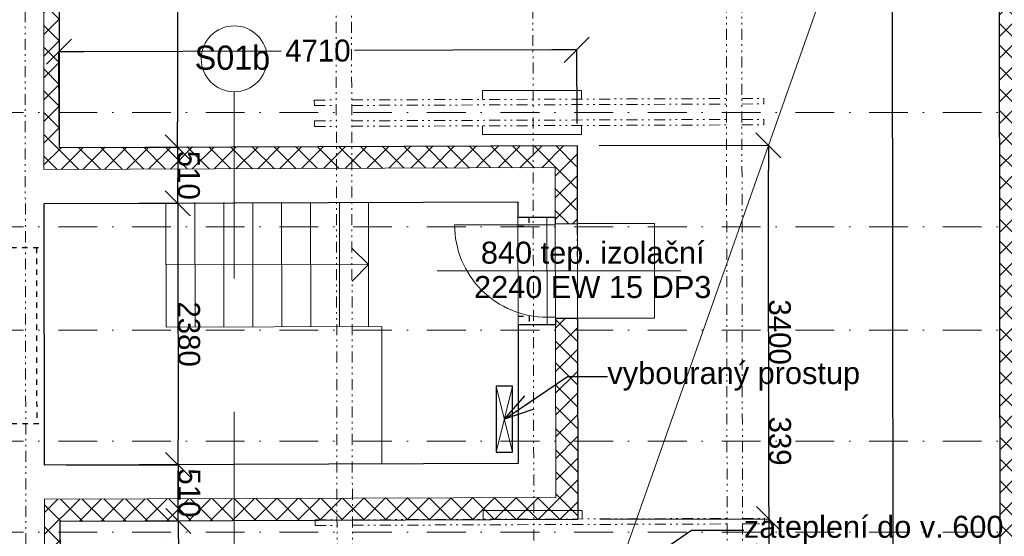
# Model space of a CAD drawing. Extents: x 25031 to 63966, y -28982 to 9473.
# Tile 10 of 12: x 50524 to 59480, y -2924 to 1777. Entities that reach past the tile are written whole.
import ezdxf

# ---------------------------------------------------------------- set-up
doc = ezdxf.new("R2010")
doc.units = 0
doc.header["$MEASUREMENT"] = 0
for name, pattern in [('Čerchovaná', [670.277762, 352.777767, -176.388884, 0, -141.111112]), ('Čerchovaná se dvěma tečkami S', [250, 100, -40, 15, -40, 15, -40]), ('čárkovaná S', [100, 50, -50])]:
    doc.linetypes.add(name, pattern=pattern)
for name, color, linetype, lineweight in [('2D VÝPLNĚ_Číslo_pera__4', 91, 'Continuous', 13), ('2D ČÁRY_Číslo_pera__1', 7, 'Continuous', 15), ('2D ČÁRY_Číslo_pera__2', 1, 'Continuous', 25), ('2D ČÁRY_Číslo_pera__3', 150, 'Continuous', 13), ('blok I_pohled4_terén_Číslo_pera__3', 150, 'Continuous', 13), ('blok I_pohled4_terén_Číslo_pera__4', 91, 'Continuous', 13), ('hřeben_Číslo_pera__1', 7, 'Continuous', 15), ('krokve_Číslo_pera__1', 7, 'Continuous', 15), ('Level 30_Číslo_pera__1', 7, 'Continuous', 15), ('POZNÁMKY.POPISKA_Číslo_pera__4', 91, 'Continuous', 13), ('POZNÁMKY.TEXT_Číslo_pera__4', 91, 'Continuous', 13), ('svislé konstrukce_Číslo_pera__2', 1, 'Continuous', 25), ('svislé konstrukce_Číslo_pera__3', 150, 'Continuous', 13), ('vodorovné konstrukce_Číslo_pera__1', 7, 'Continuous', 15), ('zdi_Číslo_pera__1', 7, 'Continuous', 15), ('zdi_Číslo_pera__2', 1, 'Continuous', 25), ('zdi_Číslo_pera__7', 7, 'Continuous', 20)]:
    doc.layers.add(name, color=color, linetype=linetype, lineweight=lineweight)
for name, color, linetype in [('blok I_pohled4_terén', 7, 'Continuous'), ('KÓTY.ZÁKLADNÍ', 7, 'Continuous'), ('vodorovné konstrukce', 7, 'Continuous')]:
    doc.layers.add(name, color=color, linetype=linetype)
doc.layers.add('blok I_pohled4_terén_Číslo_pera__241', color=9, linetype='Continuous', lineweight=13, true_color=0x808080)
doc.layers.add('vodorovné konstrukce_Číslo_pera__241', color=9, linetype='Continuous', lineweight=13, true_color=0x808080)
doc.styles.add('GENERATED_STYLE_1', font='arial.ttf')
doc.styles.add('GENERATED_STYLE_2', font='txt')
doc.styles.add('GENERATED_STYLE_3', font='txt')
doc.styles.get("Standard").update_dxf_attribs({"font": 'txt', "bigfont": 'BIGFONT.SHX'})
doc.dimstyles.new('GENERATED_STYLE__1', dxfattribs={"dimtxt": 200, "dimasz": 228, "dimexe": 0.18, "dimexo": 200, "dimgap": 0.09, "dimtad": 1, "dimtih": 1, "dimtoh": 1, "dimdec": 0, "dimzin": 0, "dimdsep": 46, "dimtxsty": 'GENERATED_STYLE_2', "dimblk": 'ARROWHEAD_6', "dimblk1": 'ARROWHEAD_6', "dimblk2": 'ARROWHEAD_6', "dimcen": 0.09, "dimclrd": 256, "dimclre": 256, "dimclrt": 256, "dimazin": 0, "dimtfac": 1, "dimtdec": 4, "dimtmove": 0, "dimatfit": 3, "dimfxl": 0, "dimtolj": 1, "dimtzin": 0, "dimarcsym": 0})
doc.dimstyles.new('GENERATED_STYLE__2', dxfattribs={"dimtxt": 200, "dimasz": 228, "dimexe": 0.18, "dimexo": 200, "dimgap": 0.09, "dimtad": 1, "dimdec": 0, "dimzin": 0, "dimdsep": 46, "dimtxsty": 'GENERATED_STYLE_2', "dimblk": 'ARROWHEAD_6', "dimblk1": 'ARROWHEAD_6', "dimblk2": 'ARROWHEAD_6', "dimcen": 0.09, "dimclrd": 256, "dimclre": 256, "dimclrt": 256, "dimazin": 0, "dimtfac": 1, "dimtdec": 4, "dimtmove": 0, "dimatfit": 3, "dimfxl": 0, "dimtolj": 1, "dimtzin": 0, "dimarcsym": 0})
doc.dimstyles.new('GENERATED_STYLE__3', dxfattribs={"dimtxt": 0.18, "dimasz": 273.6, "dimexe": 0.18, "dimexo": 0.0625, "dimgap": 0.09, "dimtad": 0, "dimtih": 1, "dimtoh": 1, "dimdec": 4, "dimzin": 0, "dimdsep": 46, "dimtxsty": 'Standard', "dimcen": 0.09, "dimadec": 0, "dimazin": 0, "dimtfac": 1, "dimtdec": 4, "dimtmove": 0, "dimatfit": 3, "dimldrblk": 'ARROWHEAD_3', "dimfxl": 0, "dimtolj": 1, "dimtzin": 0, "dimarcsym": 0})
pattern_1 = [(45, (0, 0), (-98.99495, 98.99495), []), (135, (0, 0), (98.99495, 98.99495), [])]

# ---------------------------------------------------------------- blocks, each defined once
blk = doc.blocks.new('LINE_8659', base_point=(51855.5, -455.3))
at = {"layer": 'blok I_pohled4_terén_Číslo_pera__3', "linetype": 'Continuous'}
for p, q in [((53696.5, -450.5), (53546.1, -300.9)), ((51855.5, -455.3), (53696.5, -450.5)), ((53696.5, -450.5), (53546.9, -600.9))]:
    blk.add_line(p, q, dxfattribs=at)
blk = doc.blocks.new('LINE_8828', base_point=(52475.5, -579.3))
at = {"layer": 'vodorovné konstrukce_Číslo_pera__241', "linetype": 'Continuous'}
blk.add_line((52475.5, -579.3), (52475.5, 1120.7), dxfattribs=at)
blk.add_circle((52475.5, 1420.7), 300, dxfattribs=at)
blk = doc.blocks.new('LINE_8829', base_point=(52475.5, -1792.2))
at = {"layer": 'vodorovné konstrukce_Číslo_pera__241', "linetype": 'Continuous'}
blk.add_line((52475.5, -1792.2), (52475.5, -3492.2), dxfattribs=at)
blk.add_circle((52475.5, -3792.2), 300, dxfattribs=at)
blk = doc.blocks.new('ARROWHEAD_6')
at = {"linetype": 'Continuous'}
for p, q in [((-0.5, -0.5), (0.5, 0.5)), ((0, 0), (-1, 0))]:
    blk.add_line(p, q, dxfattribs=at)
blk = doc.blocks.new('*D1020')
at = {"layer": 'Defpoints', "color": 0, "linetype": 'Continuous', "transparency": 16777216}
for p in [(50874.8, 6544.5), (50884.7, 614.4), (51961, 616.2)]:
    blk.add_point(p, dxfattribs=at)
at = {"layer": 'KÓTY.ZÁKLADNÍ', "linetype": 'Continuous', "lineweight": -2, "transparency": 16777216}
for p, q in [((51074.8, 6544.8), (51951.2, 6546.2)), ((51951.4, 6318.2), (51960.6, 844.2)), ((51084.7, 614.8), (51961.1, 616.2))]:
    blk.add_line(p, q, dxfattribs=at)
at = {"layer": 'KÓTY.ZÁKLADNÍ', "linetype": 'Continuous', "lineweight": -2, "transparency": 16777216, "xscale": 228, "yscale": 228, "zscale": 228}
for p, rotation in [((51951.1, 6546.2), 90.09565909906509), ((51961, 616.2), 270.0956590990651)]:
    blk.add_blockref('ARROWHEAD_6', p, dxfattribs=dict(at, rotation=rotation))
at = {"layer": 'KÓTY.ZÁKLADNÍ', "linetype": 'Continuous', "transparency": 16777216, "insert": (52056.1, 3581.4), "char_height": 200, "attachment_point": 5, "rotation": 270.09566, "style": 'GENERATED_STYLE_2'}
blk.add_mtext('\\A1;5930', dxfattribs=at)
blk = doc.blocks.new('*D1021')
····················
- Directions -
The line containing "doc.units = 0" marks the end: transcribe every line from the start of the listing up to and including it, minus the pictures.

- Reply to the exercise -
# Model space of a CAD drawing. Extents: x 25031 to 63966, y -28982 to 9473.
# Tile 10 of 12: x 50524 to 59480, y -2924 to 1777. Entities that reach past the tile are written whole.
import ezdxf

# ---------------------------------------------------------------- set-up
doc = ezdxf.new("R2010")
doc.units = 0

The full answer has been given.